Non-text content 1.1.1 · remediated
Contrast (Minimum) 1.4.3 · remediated
Keyboard 2.1.1 · no issues
Focus Order 2.4.3 · human review
Labels or Instructions 3.3.2 · remediated

The conformance summary — a redesigned interpretation of Conformly's reporting surface, built in the portfolio design language. Statuses and dates, never a verdict.

01 — The problem

A deadline, a panic, and an industry of green badges

The European Accessibility Act came into force in June 2025. For a large class of digital products sold into the EU, EN 301 549 — which leans on WCAG 2.1 AA — stopped being a nice-to-have and became a legal obligation with real exposure.

The market's instinct was to buy the fastest-looking fix: an accessibility overlay — a script you paste in that promises instant compliance and a badge in the corner.
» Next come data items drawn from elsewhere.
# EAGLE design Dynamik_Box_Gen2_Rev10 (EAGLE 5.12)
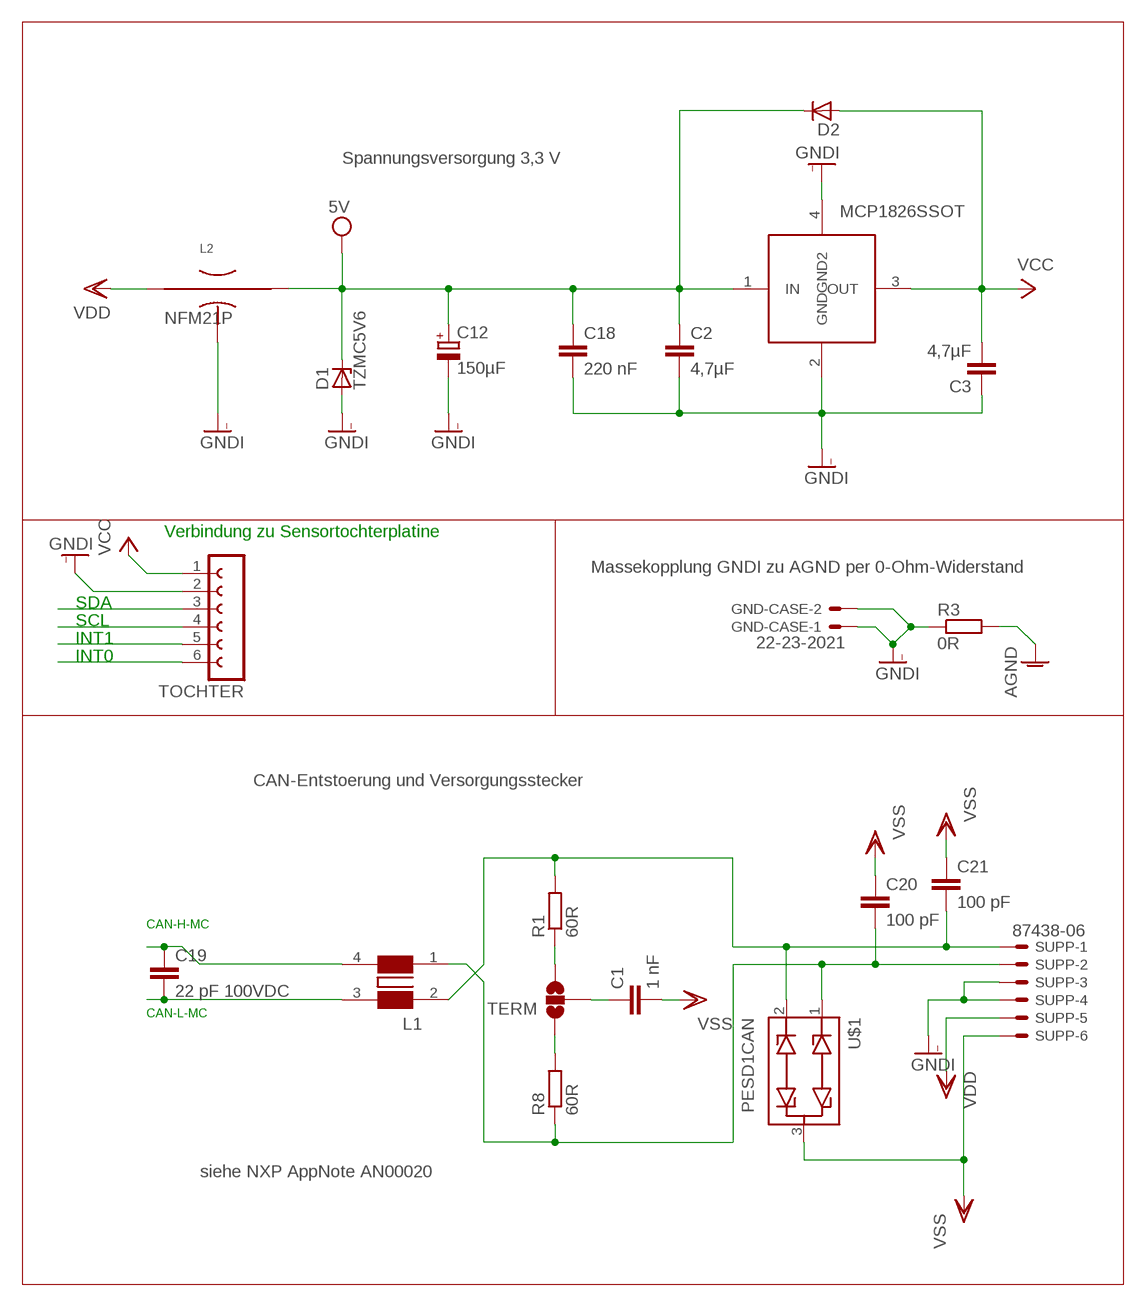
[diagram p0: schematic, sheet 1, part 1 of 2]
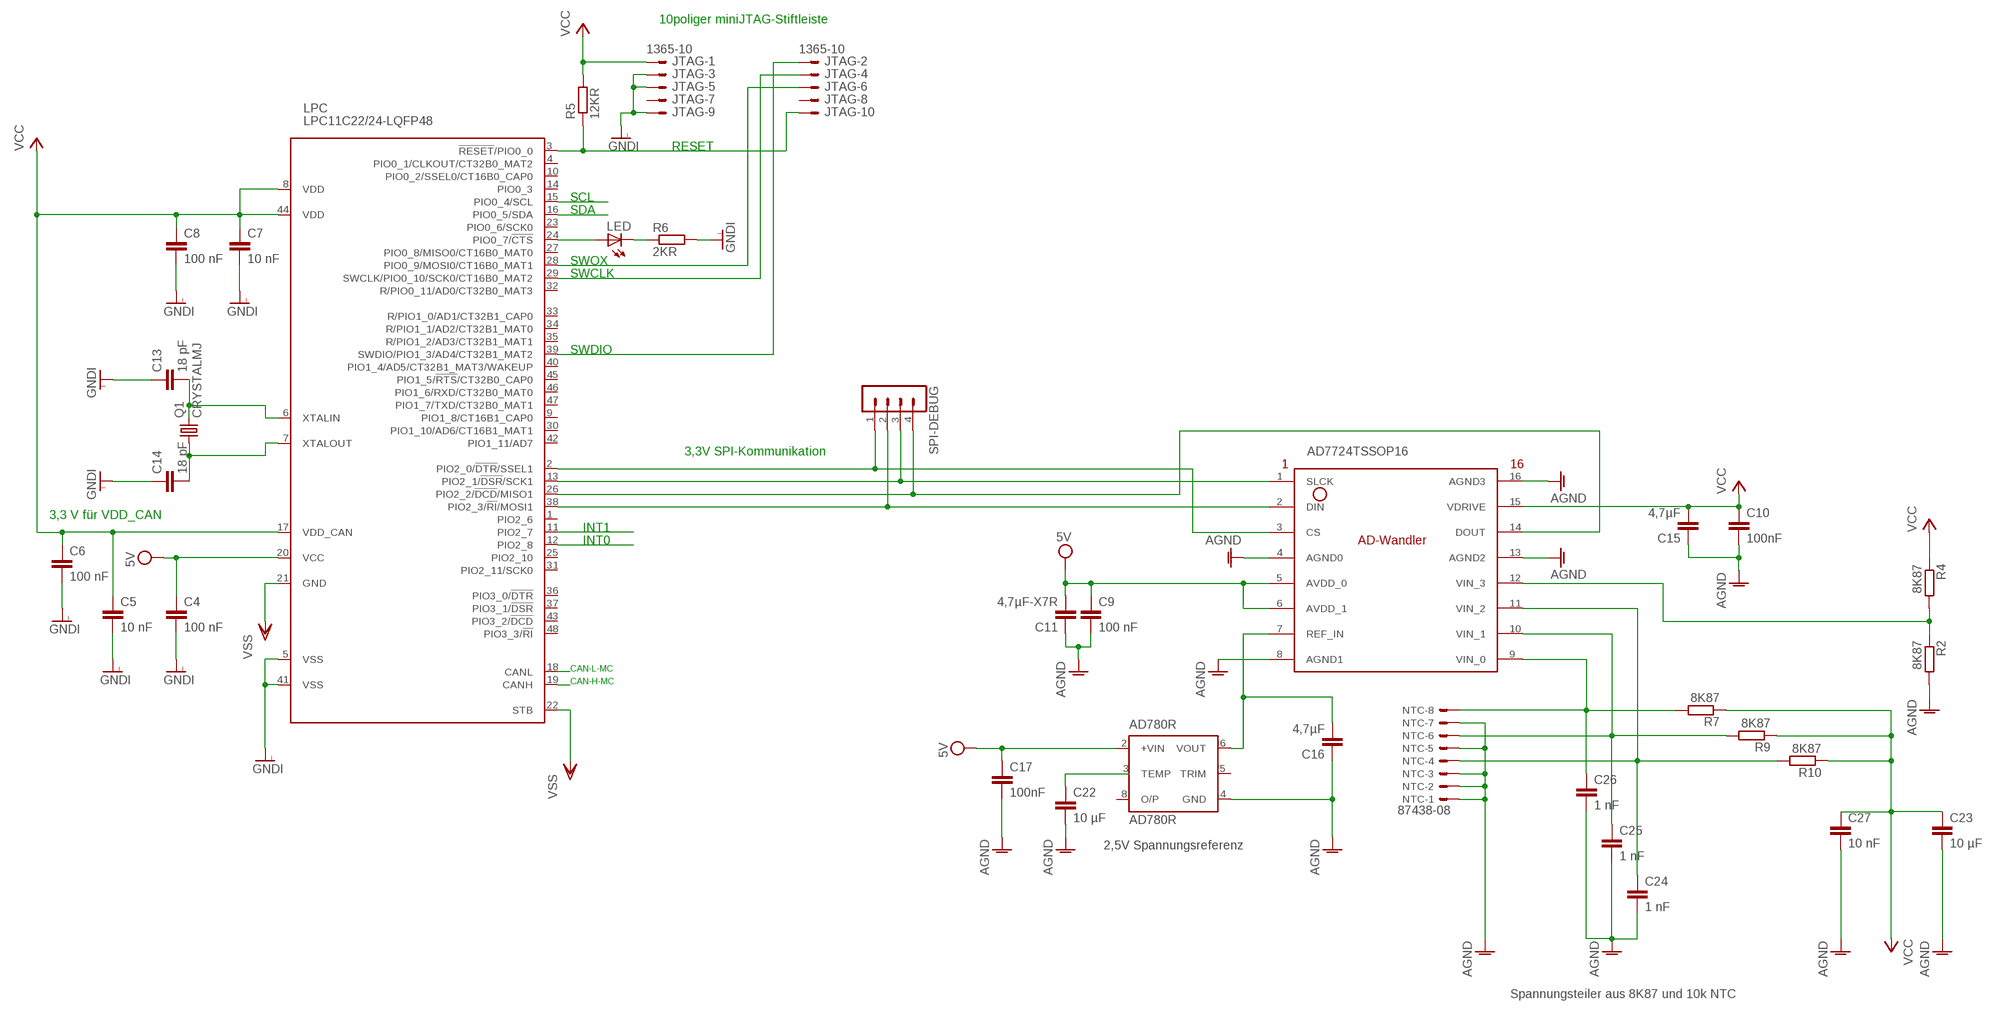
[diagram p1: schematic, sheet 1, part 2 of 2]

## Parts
AD780R  AD780R  [SO8]
AD7724  AD7724TSSOP16  [TSSOP16]
C1  1 nF  C-EUC0603  [C0603]
C2  4,7µF  C-EUC0805  [C0805]
C3  4,7µF  C-EUC0805  [C0805]
C4  100 nF  C-EUC0603  [C0603]
C5  10 nF  C-EUC0603  [C0603]
C6  100 nF  C-EUC0603  [C0603]
C7  10 nF  C-EUC0603  [C0603]
C8  100 nF  C-EUC0603  [C0603]
C9  100 nF  C-EUC0603  [C0603]
C10  100nF  C-EUC0603  [C0603]
C11  4,7µF-X7R  C-EUC0805  [C0805]
C12  150µF  CPOL-EU150CLZ-1014  [150CLZ-1014]
C13  18 pF  C-EUC0603  [C0603]
C14  18 pF  C-EUC0603  [C0603]
C15  4,7µF  C-EUC0805  [C0805]
C16  4,7µF  C-EUC0805  [C0805]
C17  100nF  C-EUC0603  [C0603]
C18  220 nF  C-EUC0805  [C0805]
C19  22 pF 100VDC  C-EUC0603  [C0603]
C20  100 pF  C-EUC1206  [C1206]
C21  100 pF  C-EUC1206  [C1206]
C22  10 µF  C-EUC0603  [C0603]
C23  10 µF  C-EUC0603  [C0603]
C24  1 nF  C-EUC0603  [C0603]
C25  1 nF  C-EUC0603  [C0603]
C26  1 nF  C-EUC0603  [C0603]
C27  10 nF  C-EUC0603  [C0603]
D1  TZMC5V6  [MINIMELF]
D2  D-A1-C3  [SOT23]
GND-CASE  22-23-2021  [22-23-2021]
JTAG  1365-10  [1365-10]
L1  WE-SL2  [WE-SL2_74422...]
L2  NFM21PN  [NFM21P]
LED  LEDSMT1206  [1206]
LPC  LPC11C22/24-LQFP48  [LQFP48]
MCP1826S  MCP1826SSOT  [SOT223]
NTC  87438-08  [87438-08]
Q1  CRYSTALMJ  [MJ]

The problem is that overlays don't repair the underlying experience; they layer a second, often-broken interface on top of a broken one, and a growing body of litigation has targeted sites that used them. Worse, a badge is a claim with nothing behind it. When a regulator or a blind user asks “prove it,” there's no evidence — just marketing. The real design problem isn't generating confidence. It's earning it, and being able to show your work.

Grounded in the regulation

EN 301 549 is the European harmonised standard for ICT accessibility; for web content it adopts WCAG 2.1 Level AA as its core. Conformly is built and positioned explicitly against the overlay model — its public stance is that overlays are not remediation, and that honest, evidenced status beats a synthetic badge.

02 — The thesis

Honest status is the product

Conformly's founding principle is a refusal: it will never tell you you're compliant. Compliance is a legal verdict about your whole product and your whole obligation — something no scanner can responsibly assert. What a tool can do is report the conformance of the criteria it can actually detect, attach a date and a reason to each one, and keep the receipts. Designing for that honesty — instead of around it — is the entire job.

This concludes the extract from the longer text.